Was mich persönlich sehr erfreute, waren die vielen popkulturellen Referenzen: als Doctor Who Fan erkannte ich die Anspielung wieder und freute mich auch über die Parallelen zu Douglas Adams‘ Per Anhalter durch die Galaxis. Als Fangirl kam ich bei dieser Comic-Reihe voll auf meine Kosten!

Der Zeichenstil ist recht simpel gehalten: Die Figuren wirken durch den Minimalismus niedlich und sind richtig schön comichaft. Der Fokus liegt auch ganz klar auf den Figuren, insbesondere natürlich auf Daniela. Hintergründe sind dagegen oft einfarbig und nicht bis ins letzte Detail ausgearbeitet, sodass sich das Auge beim Lesen auf das Wesentliche beschränken kann.
Anfänglich sind die ersten Seiten in beiden Comics koloriert, ab Seite 16 geht es dann in Schwarzweiß weiter. Ich fand es etwas schade, dass auf Farbe im Hauptteil verzichtet wurde, denn die Koloration unterstütze meiner Meinung nach die Bilder nochmal ein Stück mehr. Nichtsdestotrotz kommt man über das Fehlen der bunten Panels schnell weg, denn man ist so sehr in die Thematik vertieft, dass die Änderung nach wenigen Seiten schon nicht mehr auffällt.

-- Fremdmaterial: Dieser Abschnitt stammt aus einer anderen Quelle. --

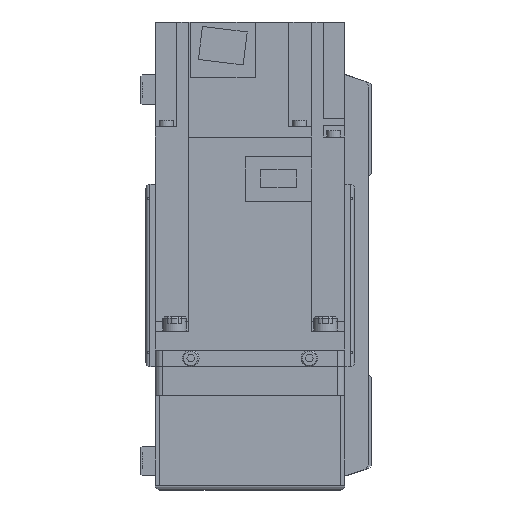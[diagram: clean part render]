
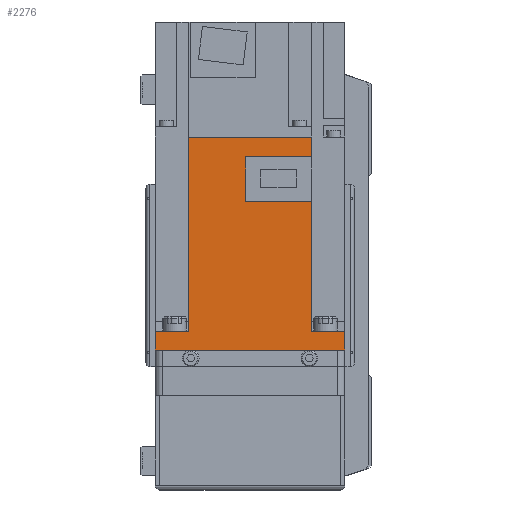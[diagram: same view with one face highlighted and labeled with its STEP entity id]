
A CAD part, left-side view. The second image highlights one B-rep face of the part: STEP entity #2276.
In plain terms, the highlighted planar face has unit normal (-1, 0, 0) as drawn and (1, 0, 0) by its records, which use the part's own axes.
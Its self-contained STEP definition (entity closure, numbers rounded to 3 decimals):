
#2276 = ADVANCED_FACE( '', ( #5128 ), #5129, .F. );
#5128 = FACE_OUTER_BOUND( '', #8622, .T. );
#5129 = PLANE( '', #8623 );
#8622 = EDGE_LOOP( '', ( #15077, #15078, #15079, #15080, #15081, #15082, #15083, #15084, #15085, #15086, #15087, #15088 ) );
#8623 = AXIS2_PLACEMENT_3D( '', #15089, #15090, #15091 );
#15077 = ORIENTED_EDGE( '', *, *, #20273, .F. );
#15078 = ORIENTED_EDGE( '', *, *, #22198, .F. );
#15079 = ORIENTED_EDGE( '', *, *, #21415, .F. );
#15080 = ORIENTED_EDGE( '', *, *, #22199, .T. );
#15081 = ORIENTED_EDGE( '', *, *, #22200, .F. );
#15082 = ORIENTED_EDGE( '', *, *, #22201, .T. );
#15083 = ORIENTED_EDGE( '', *, *, #22202, .T. );
#15084 = ORIENTED_EDGE( '', *, *, #20535, .F. );
#15085 = ORIENTED_EDGE( '', *, *, #22203, .F. );
#15086 = ORIENTED_EDGE( '', *, *, #22204, .F. );
#15087 = ORIENTED_EDGE( '', *, *, #22205, .F. );
#15088 = ORIENTED_EDGE( '', *, *, #22169, .F. );
#15089 = CARTESIAN_POINT( '', ( 40., 89.8, 40. ) );
#15090 = DIRECTION( '', ( -1., 0., 0. ) );
#15091 = DIRECTION( '', ( 0., 0., 1. ) );
#20273 = EDGE_CURVE( '', #24317, #24319, #24320, .T. );
#20535 = EDGE_CURVE( '', #24774, #24776, #24777, .T. );
#21415 = EDGE_CURVE( '', #26209, #26207, #26211, .T. );
#22169 = EDGE_CURVE( '', #24319, #27313, #27314, .T. );
#22198 = EDGE_CURVE( '', #26207, #24317, #27354, .T. );
#22199 = EDGE_CURVE( '', #26209, #27355, #27356, .T. );
#22200 = EDGE_CURVE( '', #27357, #27355, #27358, .T. );
#22201 = EDGE_CURVE( '', #27357, #27359, #27360, .T. );
#22202 = EDGE_CURVE( '', #27359, #24776, #27361, .T. );
#22203 = EDGE_CURVE( '', #27362, #24774, #27363, .T. );
#22204 = EDGE_CURVE( '', #27364, #27362, #27365, .T. );
#22205 = EDGE_CURVE( '', #27313, #27364, #27366, .T. );
#24317 = VERTEX_POINT( '', #30131 );
#24319 = VERTEX_POINT( '', #30134 );
#24320 = LINE( '', #30135, #30136 );
#24774 = VERTEX_POINT( '', #31028 );
#24776 = VERTEX_POINT( '', #31031 );
#24777 = LINE( '', #31032, #31033 );
#26207 = VERTEX_POINT( '', #33384 );
#26209 = VERTEX_POINT( '', #33387 );
#26211 = LINE( '', #33390, #33391 );
#27313 = VERTEX_POINT( '', #34970 );
#27314 = LINE( '', #34971, #34972 );
#27354 = LINE( '', #35031, #35032 );
#27355 = VERTEX_POINT( '', #35033 );
#27356 = LINE( '', #35034, #35035 );
#27357 = VERTEX_POINT( '', #35036 );
#27358 = LINE( '', #35037, #35038 );
#27359 = VERTEX_POINT( '', #35039 );
#27360 = LINE( '', #35040, #35041 );
#27361 = LINE( '', #35042, #35043 );
#27362 = VERTEX_POINT( '', #35044 );
#27363 = LINE( '', #35045, #35046 );
#27364 = VERTEX_POINT( '', #35047 );
#27365 = LINE( '', #35048, #35049 );
#27366 = LINE( '', #35050, #35051 );
#30131 = CARTESIAN_POINT( '', ( 40., 81.4, -25.95 ) );
#30134 = CARTESIAN_POINT( '', ( 40., 81.4, 1.8 ) );
#30135 = CARTESIAN_POINT( '', ( 40., 81.4, -26. ) );
#30136 = VECTOR( '', #37647, 1000. );
#31028 = CARTESIAN_POINT( '', ( 40., 8., -40. ) );
#31031 = CARTESIAN_POINT( '', ( 40., 0., -40. ) );
#31032 = CARTESIAN_POINT( '', ( 40., 89.8, -40. ) );
#31033 = VECTOR( '', #37963, 1000. );
#33384 = CARTESIAN_POINT( '', ( 40., 89.8, -25.95 ) );
#33387 = CARTESIAN_POINT( '', ( 40., 89.8, 25.95 ) );
#33390 = CARTESIAN_POINT( '', ( 40., 89.8, 40. ) );
#33391 = VECTOR( '', #39116, 1000. );
#34970 = CARTESIAN_POINT( '', ( 40., 62.8, 1.8 ) );
#34971 = CARTESIAN_POINT( '', ( 40., 81.4, 1.8 ) );
#34972 = VECTOR( '', #40052, 1000. );
#35031 = CARTESIAN_POINT( '', ( 40., 158., -25.95 ) );
#35032 = VECTOR( '', #40085, 1000. );
#35033 = CARTESIAN_POINT( '', ( 40., 8., 25.95 ) );
#35034 = CARTESIAN_POINT( '', ( 40., 158., 25.95 ) );
#35035 = VECTOR( '', #40086, 1000. );
#35036 = CARTESIAN_POINT( '', ( 40., 8., 40. ) );
#35037 = CARTESIAN_POINT( '', ( 40., 8., 40. ) );
#35038 = VECTOR( '', #40087, 1000. );
#35039 = CARTESIAN_POINT( '', ( 40., 0., 40. ) );
#35040 = CARTESIAN_POINT( '', ( 40., 89.8, 40. ) );
#35041 = VECTOR( '', #40088, 1000. );
#35042 = CARTESIAN_POINT( '', ( 40., 0., 40. ) );
#35043 = VECTOR( '', #40089, 1000. );
#35044 = CARTESIAN_POINT( '', ( 40., 8., -25.95 ) );
#35045 = CARTESIAN_POINT( '', ( 40., 8., 40. ) );
#35046 = VECTOR( '', #40090, 1000. );
#35047 = CARTESIAN_POINT( '', ( 40., 62.8, -25.95 ) );
#35048 = CARTESIAN_POINT( '', ( 40., 158., -25.95 ) );
#35049 = VECTOR( '', #40091, 1000. );
#35050 = CARTESIAN_POINT( '', ( 40., 62.8, 1.8 ) );
#35051 = VECTOR( '', #40092, 1000. );
#37647 = DIRECTION( '', ( 0., 0., 1. ) );
#37963 = DIRECTION( '', ( 0., -1., 0. ) );
#39116 = DIRECTION( '', ( 0., 0., -1. ) );
#40052 = DIRECTION( '', ( 0., -1., 0. ) );
#40085 = DIRECTION( '', ( 0., -1., 0. ) );
#40086 = DIRECTION( '', ( 0., -1., 0. ) );
#40087 = DIRECTION( '', ( 0., 0., -1. ) );
#40088 = DIRECTION( '', ( 0., -1., 0. ) );
#40089 = DIRECTION( '', ( 0., 0., -1. ) );
#40090 = DIRECTION( '', ( 0., 0., -1. ) );
#40091 = DIRECTION( '', ( 0., -1., 0. ) );
#40092 = DIRECTION( '', ( 0., 0., -1. ) );
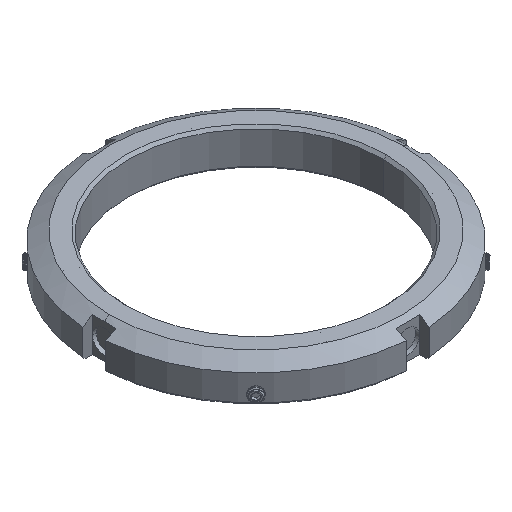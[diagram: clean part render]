
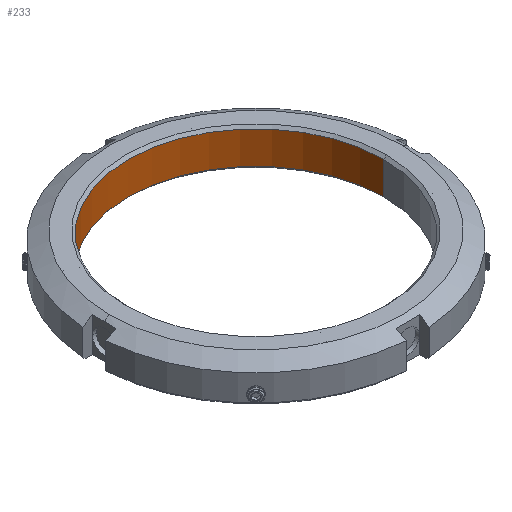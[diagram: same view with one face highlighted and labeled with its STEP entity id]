
A CAD part, isometric view. The second image highlights one B-rep face of the part: STEP entity #233.
In plain terms, the highlighted cylindrical face has radius 98.476 mm (diameter 196.952 mm), a partial arc.
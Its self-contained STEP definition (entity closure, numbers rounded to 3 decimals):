
#233 = ADVANCED_FACE ( 'NONE', ( #6790 ), #6782, .F. ) ;
#777 = DIRECTION ( 'NONE',  ( 1., 0., 0. ) ) ;
#786 = DIRECTION ( 'NONE',  ( 0., 0., -1. ) ) ;
#792 = DIRECTION ( 'NONE',  ( 1., 0., 0. ) ) ;
#793 = DIRECTION ( 'NONE',  ( 0., 0., 1. ) ) ;
#816 = CARTESIAN_POINT ( 'NONE',  ( 196.502, 15.173, 2. ) ) ;
#829 = CARTESIAN_POINT ( 'NONE',  ( 196.502, 15.173, 27. ) ) ;
#872 = ORIENTED_EDGE ( 'NONE', *, *, #8220, .T. ) ;
#878 = ORIENTED_EDGE ( 'NONE', *, *, #8219, .T. ) ;
#882 = ORIENTED_EDGE ( 'NONE', *, *, #8099, .F. ) ;
#925 = ORIENTED_EDGE ( 'NONE', *, *, #8109, .T. ) ;
#1414 = CARTESIAN_POINT ( 'NONE',  ( 294.978, 15.173, 29. ) ) ;
#1419 = CARTESIAN_POINT ( 'NONE',  ( 98.027, 15.173, 29. ) ) ;
#1451 = DIRECTION ( 'NONE',  ( 0., 0., -1. ) ) ;
#1533 = DIRECTION ( 'NONE',  ( 0., 0., -1. ) ) ;
#2341 = CARTESIAN_POINT ( 'NONE',  ( 294.978, 15.173, 2. ) ) ;
#2342 = CARTESIAN_POINT ( 'NONE',  ( 294.978, 15.173, 27. ) ) ;
#2343 = CARTESIAN_POINT ( 'NONE',  ( 98.027, 15.173, 2. ) ) ;
#2364 = CARTESIAN_POINT ( 'NONE',  ( 98.027, 15.173, 27. ) ) ;
#4633 = VERTEX_POINT ( 'NONE', #2364 ) ;
#4652 = VERTEX_POINT ( 'NONE', #2343 ) ;
#4653 = VERTEX_POINT ( 'NONE', #2342 ) ;
#4654 = VERTEX_POINT ( 'NONE', #2341 ) ;
#4970 = VECTOR ( 'NONE', #1451, 1000. ) ;
#4980 = LINE ( 'NONE', #1414, #4970 ) ;
#4984 = LINE ( 'NONE', #1419, #4997 ) ;
#4997 = VECTOR ( 'NONE', #1533, 1000. ) ;
#5153 = CIRCLE ( 'NONE', #8547, 98.476 ) ;
#5155 = CIRCLE ( 'NONE', #8546, 98.476 ) ;
#5773 = AXIS2_PLACEMENT_3D ( 'NONE', #8806, #8807, #8808 ) ;
#6552 = EDGE_LOOP ( 'NONE', ( #882, #878, #925, #872 ) ) ;
#6782 = CYLINDRICAL_SURFACE ( 'NONE', #5773, 98.476 ) ;
#6790 = FACE_OUTER_BOUND ( 'NONE', #6552, .T. ) ;
#8099 = EDGE_CURVE ( 'NONE', #4653, #4654, #4980, .T. ) ;
#8109 = EDGE_CURVE ( 'NONE', #4633, #4652, #4984, .T. ) ;
#8219 = EDGE_CURVE ( 'NONE', #4653, #4633, #5153, .T. ) ;
#8220 = EDGE_CURVE ( 'NONE', #4652, #4654, #5155, .T. ) ;
#8546 = AXIS2_PLACEMENT_3D ( 'NONE', #816, #786, #777 ) ;
#8547 = AXIS2_PLACEMENT_3D ( 'NONE', #829, #793, #792 ) ;
#8806 = CARTESIAN_POINT ( 'NONE',  ( 196.502, 15.173, 29. ) ) ;
#8807 = DIRECTION ( 'NONE',  ( 0., 0., -1. ) ) ;
#8808 = DIRECTION ( 'NONE',  ( -1., 0., 0. ) ) ;
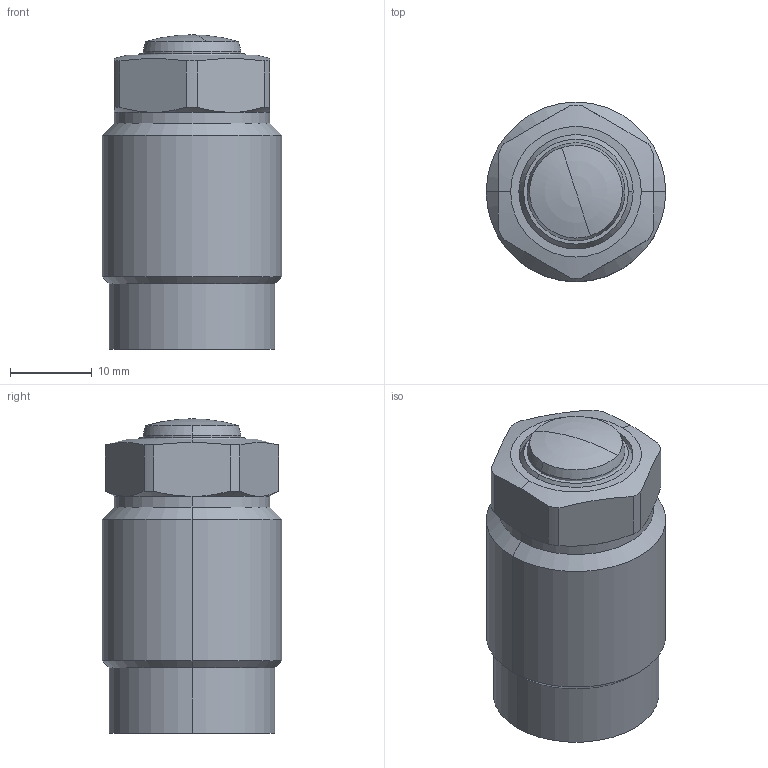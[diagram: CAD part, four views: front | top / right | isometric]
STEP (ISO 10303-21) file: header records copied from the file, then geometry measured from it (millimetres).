
FILE_DESCRIPTION((' '),'2;1');
FILE_NAME( 'TGP22-RM.x_t.stp', '2025-02-10T16:03:52', (' '), ('--- Datakit www.datakit.com---'), ' Datakit CrossCadWare V2024.1 Dec 21 2023', 'Mastercam 2025', ' ');
FILE_SCHEMA(('AUTOMOTIVE_DESIGN { 1 0 10303 214 1 1 1 1 }'));
Length unit declared in the file: millimetre
Products named in the file (1): TGP22-RM
Bounding box: 22 x 22 x 38.5 mm (x, y, z)
Volume: 13670 mm3; surface area: 3979.9 mm2
Topology: 2 solids, 2 shells, 65 faces, 151 edges, 93 vertices
Faces by surface type: cylinder 26, cone 18, plane 15, torus 6
Entity records: 1928 total; most frequent: CARTESIAN_POINT 410, DIRECTION 340, ORIENTED_EDGE 294, EDGE_CURVE 147, AXIS2_PLACEMENT_3D 147, VERTEX_POINT 93, CIRCLE 81, EDGE_LOOP 72
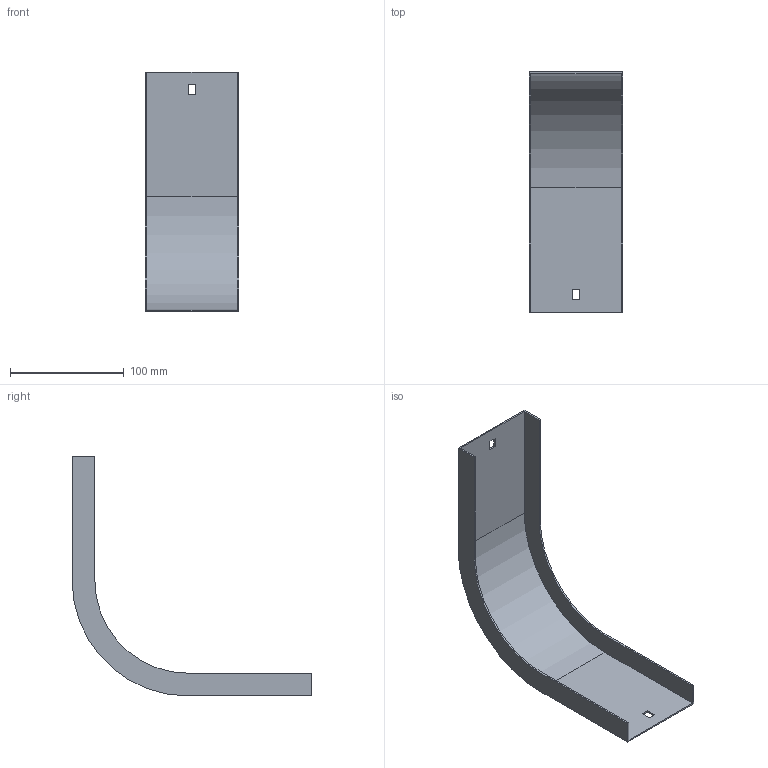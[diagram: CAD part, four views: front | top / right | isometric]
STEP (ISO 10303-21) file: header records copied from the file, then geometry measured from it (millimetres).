
FILE_DESCRIPTION (( 'STEP AP214' ), '1' );
FILE_NAME ('33G1C075.step', '2025-02-21T12:44:39', ( '' ), ( '' ), 'SwSTEP 2.0', 'SolidWorks 2023', '' );
FILE_SCHEMA (( 'AUTOMOTIVE_DESIGN' ));
Length unit declared in the file: millimetre
Products named in the file (1): 33G1C075
Bounding box: 82 x 210.5 x 210.5 mm (x, y, z)
Volume: 66114.7 mm3; surface area: 89644.5 mm2
Topology: 1 solids, 1 shells, 26 faces, 72 edges, 48 vertices
Faces by surface type: plane 22, cylinder 4
Entity records: 855 total; most frequent: CARTESIAN_POINT 147, ORIENTED_EDGE 144, DIRECTION 134, EDGE_CURVE 72, VECTOR 64, LINE 64, VERTEX_POINT 48, AXIS2_PLACEMENT_3D 35

Schattenspringer gehört für mich zu den größten Comic-Überraschungen, die ich im vergangenen Jahr lesen durfte. Ich bin begeistert, wie es Daniela Schreiter schafft, an die Thematik der Asperger-Diagnose heranzuführen und den Leser mit ihren spannenden, manchmal auch traurigen oder witzigen Geschichten fesselt. Die Comics sensibilisieren und helfen, Berührungsängste zu vergessen. Mit popkulturellen Anspielungen kann man sich auch als Nicht-Autist gut mit den Figuren identifizieren. Ich hoffe, Daniela Schreiter kann uns auch in Zukunft mit ihren fabelhaften Comics verzaubern und deshalb vergebe ich für beide Schattenspringer-Comics die volle Anzahl an Lesebrillen!



Titel: Schattenspringer - Wie es ist, anders zu sein
Autorin: Daniela Schreiter
ISBN: 978-3862019502
Verlag: Panini
Preis: 19,99€
Sonstiges:  160 Seiten, Hardcover

Titel: Schattenspringer² - Per Anhalter durch die Pubertät
Autorin: Daniela Schreiter
ISBN: 978-3957983084
Verlag: Panini
Preis: je 19,99€
Sonstiges:  160 Seiten, Hardcover



Die genannten Details sind der Website von Panini entnommen.

Vielen Dank an Panini für das Leseexemplar!